### The task
Go through the records below and copy out every line that contains the word "KILO".

### Data extracted from a collection
[Start of section]
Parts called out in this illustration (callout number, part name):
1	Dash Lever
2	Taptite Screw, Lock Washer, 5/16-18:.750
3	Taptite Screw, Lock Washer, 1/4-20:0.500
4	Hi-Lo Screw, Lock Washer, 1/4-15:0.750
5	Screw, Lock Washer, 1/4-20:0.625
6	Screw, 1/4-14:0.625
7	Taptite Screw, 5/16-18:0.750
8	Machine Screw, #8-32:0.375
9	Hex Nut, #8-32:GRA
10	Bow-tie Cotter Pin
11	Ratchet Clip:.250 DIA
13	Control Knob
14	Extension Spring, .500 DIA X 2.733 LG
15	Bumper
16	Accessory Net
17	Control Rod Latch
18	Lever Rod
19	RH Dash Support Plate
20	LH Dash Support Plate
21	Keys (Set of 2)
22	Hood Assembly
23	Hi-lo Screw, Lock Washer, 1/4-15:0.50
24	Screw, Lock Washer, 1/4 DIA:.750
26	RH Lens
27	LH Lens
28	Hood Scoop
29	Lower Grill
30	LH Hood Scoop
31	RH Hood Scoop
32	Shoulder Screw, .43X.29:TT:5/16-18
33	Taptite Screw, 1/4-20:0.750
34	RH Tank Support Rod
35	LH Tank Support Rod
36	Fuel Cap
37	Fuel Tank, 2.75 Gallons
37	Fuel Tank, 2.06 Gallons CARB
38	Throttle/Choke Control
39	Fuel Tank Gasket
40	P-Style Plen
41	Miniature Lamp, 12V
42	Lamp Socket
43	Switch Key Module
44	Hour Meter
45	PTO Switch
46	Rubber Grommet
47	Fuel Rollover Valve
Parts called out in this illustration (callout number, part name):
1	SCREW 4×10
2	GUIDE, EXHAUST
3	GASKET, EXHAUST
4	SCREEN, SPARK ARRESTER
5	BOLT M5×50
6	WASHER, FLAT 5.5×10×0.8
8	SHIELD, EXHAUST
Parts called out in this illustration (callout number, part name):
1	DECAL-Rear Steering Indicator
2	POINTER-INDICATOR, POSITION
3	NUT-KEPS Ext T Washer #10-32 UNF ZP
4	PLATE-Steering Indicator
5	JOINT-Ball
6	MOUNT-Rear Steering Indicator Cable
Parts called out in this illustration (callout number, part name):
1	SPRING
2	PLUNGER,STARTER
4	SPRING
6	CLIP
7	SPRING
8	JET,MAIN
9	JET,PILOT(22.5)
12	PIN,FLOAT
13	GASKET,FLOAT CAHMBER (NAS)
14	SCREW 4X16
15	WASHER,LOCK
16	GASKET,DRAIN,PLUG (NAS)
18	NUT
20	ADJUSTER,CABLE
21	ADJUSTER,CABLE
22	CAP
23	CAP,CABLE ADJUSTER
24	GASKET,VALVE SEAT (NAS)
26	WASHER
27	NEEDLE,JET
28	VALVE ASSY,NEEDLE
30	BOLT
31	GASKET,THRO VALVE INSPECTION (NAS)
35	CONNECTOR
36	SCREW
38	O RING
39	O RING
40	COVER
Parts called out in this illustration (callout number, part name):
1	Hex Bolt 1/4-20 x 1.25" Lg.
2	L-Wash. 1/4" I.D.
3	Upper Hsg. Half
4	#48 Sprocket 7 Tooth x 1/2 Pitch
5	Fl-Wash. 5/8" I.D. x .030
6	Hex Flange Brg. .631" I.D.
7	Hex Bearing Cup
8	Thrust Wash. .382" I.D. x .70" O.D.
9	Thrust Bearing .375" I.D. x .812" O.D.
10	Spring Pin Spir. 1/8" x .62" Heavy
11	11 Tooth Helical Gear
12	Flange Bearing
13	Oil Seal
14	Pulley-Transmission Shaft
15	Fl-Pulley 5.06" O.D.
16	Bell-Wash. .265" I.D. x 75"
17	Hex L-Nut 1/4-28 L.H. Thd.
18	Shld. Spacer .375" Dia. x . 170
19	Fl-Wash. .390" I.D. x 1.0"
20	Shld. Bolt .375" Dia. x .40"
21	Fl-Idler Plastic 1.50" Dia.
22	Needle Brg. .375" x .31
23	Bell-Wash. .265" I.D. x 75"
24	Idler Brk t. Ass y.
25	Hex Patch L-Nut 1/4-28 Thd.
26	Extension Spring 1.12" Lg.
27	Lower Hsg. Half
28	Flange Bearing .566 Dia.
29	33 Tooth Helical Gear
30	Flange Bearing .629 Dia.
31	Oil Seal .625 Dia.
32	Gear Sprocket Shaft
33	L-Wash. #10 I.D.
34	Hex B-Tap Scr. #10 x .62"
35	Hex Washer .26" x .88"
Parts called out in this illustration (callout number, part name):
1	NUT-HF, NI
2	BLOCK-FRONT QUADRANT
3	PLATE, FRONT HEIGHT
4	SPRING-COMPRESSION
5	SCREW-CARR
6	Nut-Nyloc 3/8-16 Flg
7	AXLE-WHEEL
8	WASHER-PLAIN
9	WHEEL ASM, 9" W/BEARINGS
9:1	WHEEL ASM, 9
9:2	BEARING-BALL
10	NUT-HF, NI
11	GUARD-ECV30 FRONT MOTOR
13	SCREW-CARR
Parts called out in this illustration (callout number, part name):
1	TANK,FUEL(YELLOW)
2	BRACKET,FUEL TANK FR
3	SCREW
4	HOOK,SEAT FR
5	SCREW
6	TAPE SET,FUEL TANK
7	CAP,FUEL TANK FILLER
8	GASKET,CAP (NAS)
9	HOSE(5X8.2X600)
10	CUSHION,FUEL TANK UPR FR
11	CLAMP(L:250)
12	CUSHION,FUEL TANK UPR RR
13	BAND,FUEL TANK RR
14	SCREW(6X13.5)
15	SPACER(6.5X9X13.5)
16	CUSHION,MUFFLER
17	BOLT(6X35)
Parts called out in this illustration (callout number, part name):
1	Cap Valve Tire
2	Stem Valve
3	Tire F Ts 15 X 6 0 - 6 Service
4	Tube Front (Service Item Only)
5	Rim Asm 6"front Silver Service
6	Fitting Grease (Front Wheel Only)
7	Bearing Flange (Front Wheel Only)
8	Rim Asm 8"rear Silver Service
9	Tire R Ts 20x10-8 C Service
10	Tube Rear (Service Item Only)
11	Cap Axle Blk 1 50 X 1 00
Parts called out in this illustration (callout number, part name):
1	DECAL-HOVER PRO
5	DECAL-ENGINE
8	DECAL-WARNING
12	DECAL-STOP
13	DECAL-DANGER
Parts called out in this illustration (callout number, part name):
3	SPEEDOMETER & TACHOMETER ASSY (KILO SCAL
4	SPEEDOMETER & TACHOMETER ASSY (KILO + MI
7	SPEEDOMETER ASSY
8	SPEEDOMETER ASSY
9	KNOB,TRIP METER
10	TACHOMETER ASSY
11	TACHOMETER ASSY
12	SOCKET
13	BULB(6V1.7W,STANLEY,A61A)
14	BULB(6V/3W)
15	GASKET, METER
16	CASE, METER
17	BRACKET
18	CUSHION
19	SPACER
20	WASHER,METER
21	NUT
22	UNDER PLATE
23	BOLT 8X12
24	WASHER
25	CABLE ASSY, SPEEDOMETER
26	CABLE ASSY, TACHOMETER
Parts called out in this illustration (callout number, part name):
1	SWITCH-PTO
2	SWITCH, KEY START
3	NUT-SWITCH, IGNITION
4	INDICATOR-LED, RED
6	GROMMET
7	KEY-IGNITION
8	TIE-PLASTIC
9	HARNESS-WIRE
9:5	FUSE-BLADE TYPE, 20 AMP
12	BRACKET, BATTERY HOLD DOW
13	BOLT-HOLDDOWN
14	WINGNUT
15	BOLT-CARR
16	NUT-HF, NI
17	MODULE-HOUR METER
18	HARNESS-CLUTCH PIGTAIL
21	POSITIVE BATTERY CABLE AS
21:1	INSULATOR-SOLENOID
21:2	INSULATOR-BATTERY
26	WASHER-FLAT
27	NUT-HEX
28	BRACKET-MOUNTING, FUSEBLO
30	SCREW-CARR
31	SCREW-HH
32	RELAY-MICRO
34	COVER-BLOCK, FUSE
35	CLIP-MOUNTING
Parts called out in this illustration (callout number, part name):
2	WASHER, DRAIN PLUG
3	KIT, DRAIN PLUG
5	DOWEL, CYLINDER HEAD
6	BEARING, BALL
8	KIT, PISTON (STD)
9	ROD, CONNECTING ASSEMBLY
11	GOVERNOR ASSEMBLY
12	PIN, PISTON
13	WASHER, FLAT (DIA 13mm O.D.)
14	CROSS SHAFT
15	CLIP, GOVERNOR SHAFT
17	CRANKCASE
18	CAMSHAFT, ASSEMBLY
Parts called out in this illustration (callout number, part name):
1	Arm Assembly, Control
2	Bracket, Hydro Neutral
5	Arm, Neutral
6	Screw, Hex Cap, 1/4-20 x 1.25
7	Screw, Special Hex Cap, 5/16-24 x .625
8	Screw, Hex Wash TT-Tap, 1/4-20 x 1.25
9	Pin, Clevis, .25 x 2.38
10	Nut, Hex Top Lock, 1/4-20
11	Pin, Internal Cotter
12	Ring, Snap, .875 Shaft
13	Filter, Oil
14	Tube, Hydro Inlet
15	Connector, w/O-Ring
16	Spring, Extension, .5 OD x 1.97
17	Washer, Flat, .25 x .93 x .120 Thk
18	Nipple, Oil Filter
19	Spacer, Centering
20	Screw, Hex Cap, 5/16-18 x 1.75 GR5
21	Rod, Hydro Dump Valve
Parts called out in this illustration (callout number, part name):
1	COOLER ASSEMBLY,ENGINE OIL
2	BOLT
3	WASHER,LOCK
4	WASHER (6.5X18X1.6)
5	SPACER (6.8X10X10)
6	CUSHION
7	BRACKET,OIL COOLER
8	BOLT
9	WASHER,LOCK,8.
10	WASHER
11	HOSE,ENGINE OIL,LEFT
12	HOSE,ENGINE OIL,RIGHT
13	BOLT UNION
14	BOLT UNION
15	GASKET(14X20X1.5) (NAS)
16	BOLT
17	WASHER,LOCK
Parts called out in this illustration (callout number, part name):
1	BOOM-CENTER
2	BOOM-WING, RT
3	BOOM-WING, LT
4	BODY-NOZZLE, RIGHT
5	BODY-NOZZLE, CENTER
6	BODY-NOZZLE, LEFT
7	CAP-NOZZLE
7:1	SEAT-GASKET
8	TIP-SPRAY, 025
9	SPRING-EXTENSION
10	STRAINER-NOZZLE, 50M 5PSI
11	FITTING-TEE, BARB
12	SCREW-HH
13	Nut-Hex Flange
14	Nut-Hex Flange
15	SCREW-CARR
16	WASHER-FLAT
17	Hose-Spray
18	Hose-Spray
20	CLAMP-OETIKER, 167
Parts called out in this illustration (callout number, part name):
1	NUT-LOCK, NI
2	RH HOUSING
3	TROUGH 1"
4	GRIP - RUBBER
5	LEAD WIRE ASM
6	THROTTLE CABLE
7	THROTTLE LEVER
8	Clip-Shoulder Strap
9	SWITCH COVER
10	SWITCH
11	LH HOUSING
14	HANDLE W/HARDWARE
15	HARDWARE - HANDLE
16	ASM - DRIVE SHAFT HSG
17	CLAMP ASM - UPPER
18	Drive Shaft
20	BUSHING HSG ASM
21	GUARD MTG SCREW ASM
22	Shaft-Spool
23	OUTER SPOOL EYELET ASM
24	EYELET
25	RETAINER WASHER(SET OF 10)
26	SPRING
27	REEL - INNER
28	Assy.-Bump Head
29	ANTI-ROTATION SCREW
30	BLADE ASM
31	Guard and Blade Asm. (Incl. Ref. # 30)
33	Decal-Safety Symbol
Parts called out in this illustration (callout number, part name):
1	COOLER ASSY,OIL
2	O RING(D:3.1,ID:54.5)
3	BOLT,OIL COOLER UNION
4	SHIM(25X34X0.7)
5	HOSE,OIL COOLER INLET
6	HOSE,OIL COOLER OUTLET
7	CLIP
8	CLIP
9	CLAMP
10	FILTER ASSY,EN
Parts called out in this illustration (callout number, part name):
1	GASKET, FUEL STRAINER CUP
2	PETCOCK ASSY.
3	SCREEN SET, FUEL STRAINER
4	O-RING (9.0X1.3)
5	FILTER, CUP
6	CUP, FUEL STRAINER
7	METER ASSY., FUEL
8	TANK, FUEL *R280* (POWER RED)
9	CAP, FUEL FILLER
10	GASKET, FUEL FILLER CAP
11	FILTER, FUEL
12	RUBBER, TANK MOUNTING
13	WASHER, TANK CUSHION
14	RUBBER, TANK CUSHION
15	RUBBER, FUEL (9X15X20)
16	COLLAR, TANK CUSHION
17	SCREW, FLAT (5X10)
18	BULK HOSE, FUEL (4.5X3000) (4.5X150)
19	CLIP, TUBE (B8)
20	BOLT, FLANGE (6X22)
[End of section]
### Result of the exercise
3	SPEEDOMETER & TACHOMETER ASSY (KILO SCAL
4	SPEEDOMETER & TACHOMETER ASSY (KILO + MI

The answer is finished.